Tipos de precios




El término precio deriva del latín pretĭum y, según la Real Academia Española (RAE), se lo entiende tanto como el valor pecuniario en que se estima algo así como también como el esfuerzo, pérdida o sufrimiento que debe soportarse para conseguir algo.

Si bien no todos los precios suponen el abono de dinero, por lo general se miden con las unidades monetarias que rigen en el país donde se los estipula. Además, de acuerdo a las características que presente el monto fijado y la finalidad que persiga el hecho de ponerle precio a algo, se puede hacer referencia a distintas categorías relacionadas a la formación de precios.

Está, por ejemplo, el precio de afección (el cual supone la elevación del precio ordinario por el afecto o naturaleza especial que pueda tener un objeto que su dueño pone a la venta) y el precio de eficiencia (aquel que corresponde al precio específico con que una sociedad valora a un determinado producto pero teniendo en cuenta los beneficios netos indirectos), aunque las opciones no se limitan a las mencionadas.

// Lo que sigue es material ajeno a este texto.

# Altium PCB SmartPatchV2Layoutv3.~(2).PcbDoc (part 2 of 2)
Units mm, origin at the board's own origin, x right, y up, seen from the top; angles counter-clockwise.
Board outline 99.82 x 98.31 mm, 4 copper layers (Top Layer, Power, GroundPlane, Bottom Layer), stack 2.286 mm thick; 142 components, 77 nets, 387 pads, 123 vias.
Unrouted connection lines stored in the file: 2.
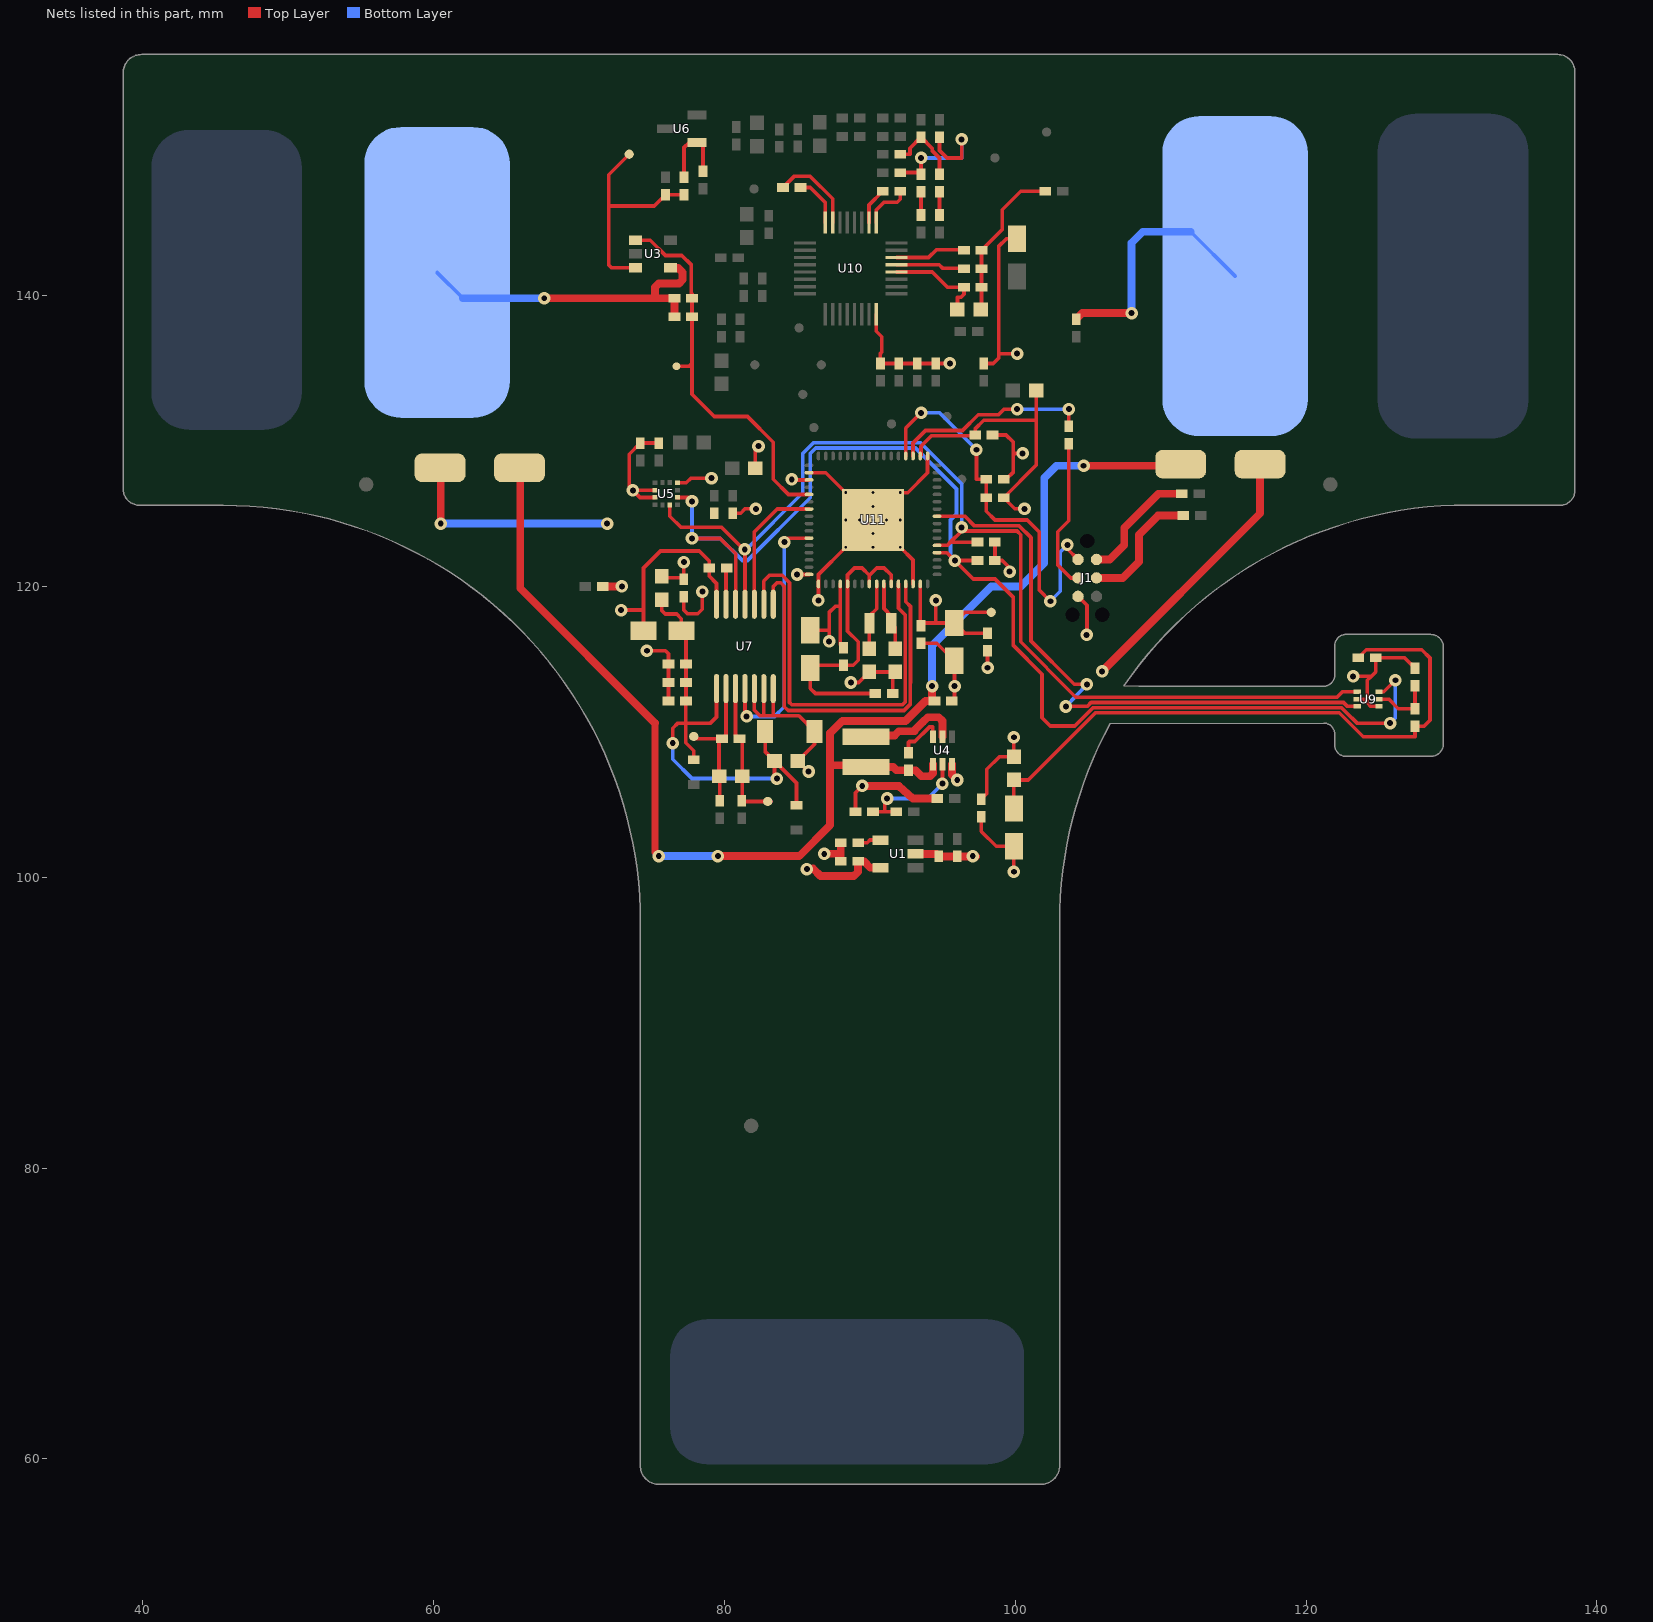
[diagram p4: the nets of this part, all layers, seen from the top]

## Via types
v1: diameter 0.864, hole 0.406, Top Layer to Bottom Layer, 110 vias
v2: diameter 0.5, hole 0.2, Top Layer to Bottom Layer, 13 vias

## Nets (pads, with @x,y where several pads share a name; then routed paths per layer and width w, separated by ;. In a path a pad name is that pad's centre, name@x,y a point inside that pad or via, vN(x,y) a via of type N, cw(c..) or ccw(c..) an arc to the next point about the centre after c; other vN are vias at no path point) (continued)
BOOST_INPUT: BT1.1 BT2.1 C43.1 L8.1 R13.1 U4.1 | length 94.4
  Top Layer w0.254: L8.1@89.739,107.681 L8.1@89.748,107.672 ; v1(94.285,113.132) v1@94.447,112.97
  Top Layer w0.5: 75.235,110.592 75.235,101.702 v1(75.489,101.448)
  Top Layer w0.54: BT1.1@65.964,127.991 65.964,119.863 75.235,110.592 ; v1(79.553,101.448) 85.141,101.448 87.274,103.581 87.274,109.906 88.113,110.744 92.456,110.744 93.828,112.116 C43.1@94.447,112.116 ; 87.274,107.696 L8.1@89.739,107.681 ; L8.1@89.738,107.57 91.616,107.57 91.837,107.35 92.283,107.35 ; R13.1@92.659,107.35 93.145,107.35 93.561,106.934 94.132,106.934 94.346,107.148 U4.1@94.346,107.762 ; C43.1@94.285,112.278 v1(94.285,113.132) ; v1(104.699,128.287) BT2.1@111.048,128.287
  Bottom Layer w0.54: v1(75.489,101.448) v1(79.553,101.448) ; v1(94.285,113.132) 94.285,115.926 98.349,119.99 100.381,119.99 101.997,121.606 101.997,127.448 102.836,128.287 v1(104.699,128.287)
DVCC: 6.1 C1.1 C4.1 C6.1 C10.1 C15.1 C26.1 L1.1 L2.1 L5.1 L7.1 R1.1 R6.2 R34.1 R35.1 U1.5 U11.18 U11.35 U11.48 U11.63 | length 52.8
  Top Layer w0.254: L1.1@75.489,120.59 77.067,120.59 C10.1@77.091,120.613 ; C10.1@77.216,120.488 v1(77.216,121.666) ; L5.1@82.131,128.118 82.131,129.426 v1(82.347,129.642) ; v1@84.677,127.312 U11.35@85.821,127.312 ; v1(85.003,120.812) U11.48@85.821,120.812 ; 89.982,100.65 90.038,100.65 ; U11.63@93.472,120.162 93.472,117.339 C6.1@93.523,117.288 ; U11.18@93.472,128.962 93.518,129.008 93.518,129.637 94.237,130.356 97.193,130.356 C26.1@97.241,130.404 97.241,130.82 97.841,131.42 101.397,131.42 ; C6.1@93.715,117.48 C1.1@95.809,117.48 ; 94.542,117.483 v1(94.542,119.027) ; C15.1@97.665,105.35 98.044,105.728 98.044,107.414 98.915,108.286 L2.1@99.906,108.286 v1(99.906,109.621) ; R1.1@98.095,116.78 96.509,116.78 C1.1@95.809,117.48 ; 6.1@98.349,118.212 96.541,118.212 C1.1@95.809,117.48 ; R35.1@98.603,123.038 R34.1@98.603,121.768 99.111,121.768 99.619,121.26 v1(99.619,121.006) ; v1(100.635,125.324) 99.965,125.324 R6.2@99.203,126.086 101.435,128.318 L7.1@101.435,133.452
  Top Layer w0.54: v1(85.674,100.559) v1@86.081,100.559 ; 86.106,100.584 86.614,100.076 88.9,100.076 89.2,100.376 C4.1@89.2,101.092 89.596,101.092 90.038,100.65 U1.5@90.748,100.65
  other v1: 84.633,127.356
EL_GSR1: 5.1 C34.2 R10.1 U3.4 | length 22.6
  Top Layer w0.254: U3.4@76.297,141.9 76.809,141.9
  Top Layer w0.54: v1(67.615,139.802) R10.1@76.575,139.802 C34.2@76.575,138.532 ; 75.235,139.852 75.235,140.564 75.489,140.818 76.875,140.818 77.129,141.072 77.129,141.58 76.809,141.9
  Bottom Layer w0.254: 5.1@60.249,141.58 5.1@62.027,139.802
  Bottom Layer w0.54: 5.1@62.027,139.802 v1(67.615,139.802)
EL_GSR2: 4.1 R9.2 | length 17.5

Según los expertos en cuestiones comerciales y económicas, hay además precios de lanzamiento (valor bajo en relación al precio de mercado que se le pone a un producto cuando se lo presenta e intenta posicionarlo frente a los consumidores), precio de mercado, precio natural, precio público, precio recomendado de venta al público, precio sombra, precios constantes, precios corrientes y precios de transferencia, por citar otras formas de medir el valor de un bien y/o servicio.